(Records to process)

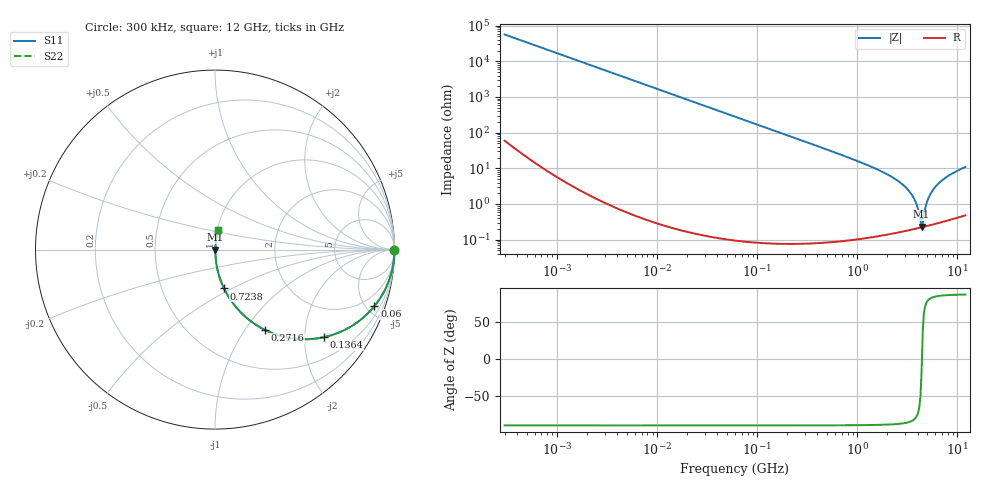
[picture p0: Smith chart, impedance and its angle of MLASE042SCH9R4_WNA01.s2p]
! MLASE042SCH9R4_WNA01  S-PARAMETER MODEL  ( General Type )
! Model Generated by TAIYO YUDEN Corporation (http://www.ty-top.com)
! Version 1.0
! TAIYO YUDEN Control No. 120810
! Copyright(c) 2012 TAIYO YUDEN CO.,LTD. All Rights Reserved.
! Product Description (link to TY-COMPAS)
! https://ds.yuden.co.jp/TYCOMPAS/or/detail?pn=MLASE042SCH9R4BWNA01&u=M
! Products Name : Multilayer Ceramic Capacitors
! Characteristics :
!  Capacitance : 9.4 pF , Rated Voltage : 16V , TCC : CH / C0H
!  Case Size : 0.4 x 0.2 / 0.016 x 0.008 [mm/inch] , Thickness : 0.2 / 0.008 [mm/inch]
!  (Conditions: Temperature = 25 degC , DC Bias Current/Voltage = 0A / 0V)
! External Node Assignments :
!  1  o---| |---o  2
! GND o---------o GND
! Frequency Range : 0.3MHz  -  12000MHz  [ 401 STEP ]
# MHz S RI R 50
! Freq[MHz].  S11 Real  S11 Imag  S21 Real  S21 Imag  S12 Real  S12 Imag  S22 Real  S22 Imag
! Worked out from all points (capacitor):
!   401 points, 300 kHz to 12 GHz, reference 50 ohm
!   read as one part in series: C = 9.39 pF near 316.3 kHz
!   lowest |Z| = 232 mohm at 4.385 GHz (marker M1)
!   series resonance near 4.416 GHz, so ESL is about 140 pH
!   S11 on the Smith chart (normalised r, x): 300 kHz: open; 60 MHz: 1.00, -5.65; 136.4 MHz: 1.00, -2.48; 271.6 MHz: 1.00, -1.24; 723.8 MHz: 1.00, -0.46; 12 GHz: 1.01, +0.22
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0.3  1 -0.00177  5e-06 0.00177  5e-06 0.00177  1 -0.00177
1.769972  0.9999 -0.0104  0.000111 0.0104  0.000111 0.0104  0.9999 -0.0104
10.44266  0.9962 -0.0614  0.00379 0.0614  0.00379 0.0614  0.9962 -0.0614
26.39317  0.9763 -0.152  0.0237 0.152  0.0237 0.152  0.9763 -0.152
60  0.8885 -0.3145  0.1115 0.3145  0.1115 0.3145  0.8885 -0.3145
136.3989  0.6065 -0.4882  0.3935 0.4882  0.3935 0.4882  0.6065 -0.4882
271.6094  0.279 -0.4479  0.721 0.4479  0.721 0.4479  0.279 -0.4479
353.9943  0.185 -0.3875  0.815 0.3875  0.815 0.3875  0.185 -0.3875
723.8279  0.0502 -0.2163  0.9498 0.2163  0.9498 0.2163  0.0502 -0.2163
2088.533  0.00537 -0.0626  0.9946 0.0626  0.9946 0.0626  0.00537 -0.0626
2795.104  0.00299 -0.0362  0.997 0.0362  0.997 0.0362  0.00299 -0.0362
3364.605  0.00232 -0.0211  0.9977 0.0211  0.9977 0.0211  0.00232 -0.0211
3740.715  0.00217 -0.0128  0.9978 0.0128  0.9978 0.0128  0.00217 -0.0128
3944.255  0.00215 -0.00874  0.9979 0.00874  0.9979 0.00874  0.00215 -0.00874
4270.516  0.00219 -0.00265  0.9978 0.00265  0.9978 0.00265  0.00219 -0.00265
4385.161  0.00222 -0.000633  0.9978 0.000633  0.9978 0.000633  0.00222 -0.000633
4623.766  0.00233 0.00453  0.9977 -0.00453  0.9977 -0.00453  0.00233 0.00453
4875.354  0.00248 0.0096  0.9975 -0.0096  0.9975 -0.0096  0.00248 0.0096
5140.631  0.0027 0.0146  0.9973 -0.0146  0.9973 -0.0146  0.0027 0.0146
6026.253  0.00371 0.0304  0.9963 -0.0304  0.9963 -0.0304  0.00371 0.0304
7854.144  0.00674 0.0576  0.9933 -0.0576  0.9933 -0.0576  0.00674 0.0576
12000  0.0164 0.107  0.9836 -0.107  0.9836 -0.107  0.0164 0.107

(End Records to process)

_Exercise:_ Exactly reproduce the entries above, minus the pictures.

_Result of this task:_
[picture p0: Smith chart, impedance and its angle of MLASE042SCH9R4_WNA01.s2p]
! MLASE042SCH9R4_WNA01  S-PARAMETER MODEL  ( General Type )
! Model Generated by TAIYO YUDEN Corporation (http://www.ty-top.com)
! Version 1.0
! TAIYO YUDEN Control No. 120810
! Copyright(c) 2012 TAIYO YUDEN CO.,LTD. All Rights Reserved.
! Product Description (link to TY-COMPAS)
! https://ds.yuden.co.jp/TYCOMPAS/or/detail?pn=MLASE042SCH9R4BWNA01&u=M
! Products Name : Multilayer Ceramic Capacitors
! Characteristics :
!  Capacitance : 9.4 pF , Rated Voltage : 16V , TCC : CH / C0H
!  Case Size : 0.4 x 0.2 / 0.016 x 0.008 [mm/inch] , Thickness : 0.2 / 0.008 [mm/inch]
!  (Conditions: Temperature = 25 degC , DC Bias Current/Voltage = 0A / 0V)
! External Node Assignments :
!  1  o---| |---o  2
! GND o---------o GND
! Frequency Range : 0.3MHz  -  12000MHz  [ 401 STEP ]
# MHz S RI R 50
! Freq[MHz].  S11 Real  S11 Imag  S21 Real  S21 Imag  S12 Real  S12 Imag  S22 Real  S22 Imag
! Worked out from all points (capacitor):
!   401 points, 300 kHz to 12 GHz, reference 50 ohm
!   read as one part in series: C = 9.39 pF near 316.3 kHz
!   lowest |Z| = 232 mohm at 4.385 GHz (marker M1)
!   series resonance near 4.416 GHz, so ESL is about 140 pH
!   S11 on the Smith chart (normalised r, x): 300 kHz: open; 60 MHz: 1.00, -5.65; 136.4 MHz: 1.00, -2.48; 271.6 MHz: 1.00, -1.24; 723.8 MHz: 1.00, -0.46; 12 GHz: 1.01, +0.22
0.3  1 -0.00177  5e-06 0.00177  5e-06 0.00177  1 -0.00177
1.769972  0.9999 -0.0104  0.000111 0.0104  0.000111 0.0104  0.9999 -0.0104
10.44266  0.9962 -0.0614  0.00379 0.0614  0.00379 0.0614  0.9962 -0.0614
26.39317  0.9763 -0.152  0.0237 0.152  0.0237 0.152  0.9763 -0.152
60  0.8885 -0.3145  0.1115 0.3145  0.1115 0.3145  0.8885 -0.3145
136.3989  0.6065 -0.4882  0.3935 0.4882  0.3935 0.4882  0.6065 -0.4882
271.6094  0.279 -0.4479  0.721 0.4479  0.721 0.4479  0.279 -0.4479
353.9943  0.185 -0.3875  0.815 0.3875  0.815 0.3875  0.185 -0.3875
723.8279  0.0502 -0.2163  0.9498 0.2163  0.9498 0.2163  0.0502 -0.2163
2088.533  0.00537 -0.0626  0.9946 0.0626  0.9946 0.0626  0.00537 -0.0626
2795.104  0.00299 -0.0362  0.997 0.0362  0.997 0.0362  0.00299 -0.0362
3364.605  0.00232 -0.0211  0.9977 0.0211  0.9977 0.0211  0.00232 -0.0211
3740.715  0.00217 -0.0128  0.9978 0.0128  0.9978 0.0128  0.00217 -0.0128
3944.255  0.00215 -0.00874  0.9979 0.00874  0.9979 0.00874  0.00215 -0.00874
4270.516  0.00219 -0.00265  0.9978 0.00265  0.9978 0.00265  0.00219 -0.00265
4385.161  0.00222 -0.000633  0.9978 0.000633  0.9978 0.000633  0.00222 -0.000633
4623.766  0.00233 0.00453  0.9977 -0.00453  0.9977 -0.00453  0.00233 0.00453
4875.354  0.00248 0.0096  0.9975 -0.0096  0.9975 -0.0096  0.00248 0.0096
5140.631  0.0027 0.0146  0.9973 -0.0146  0.9973 -0.0146  0.0027 0.0146
6026.253  0.00371 0.0304  0.9963 -0.0304  0.9963 -0.0304  0.00371 0.0304
7854.144  0.00674 0.0576  0.9933 -0.0576  0.9933 -0.0576  0.00674 0.0576
12000  0.0164 0.107  0.9836 -0.107  0.9836 -0.107  0.0164 0.107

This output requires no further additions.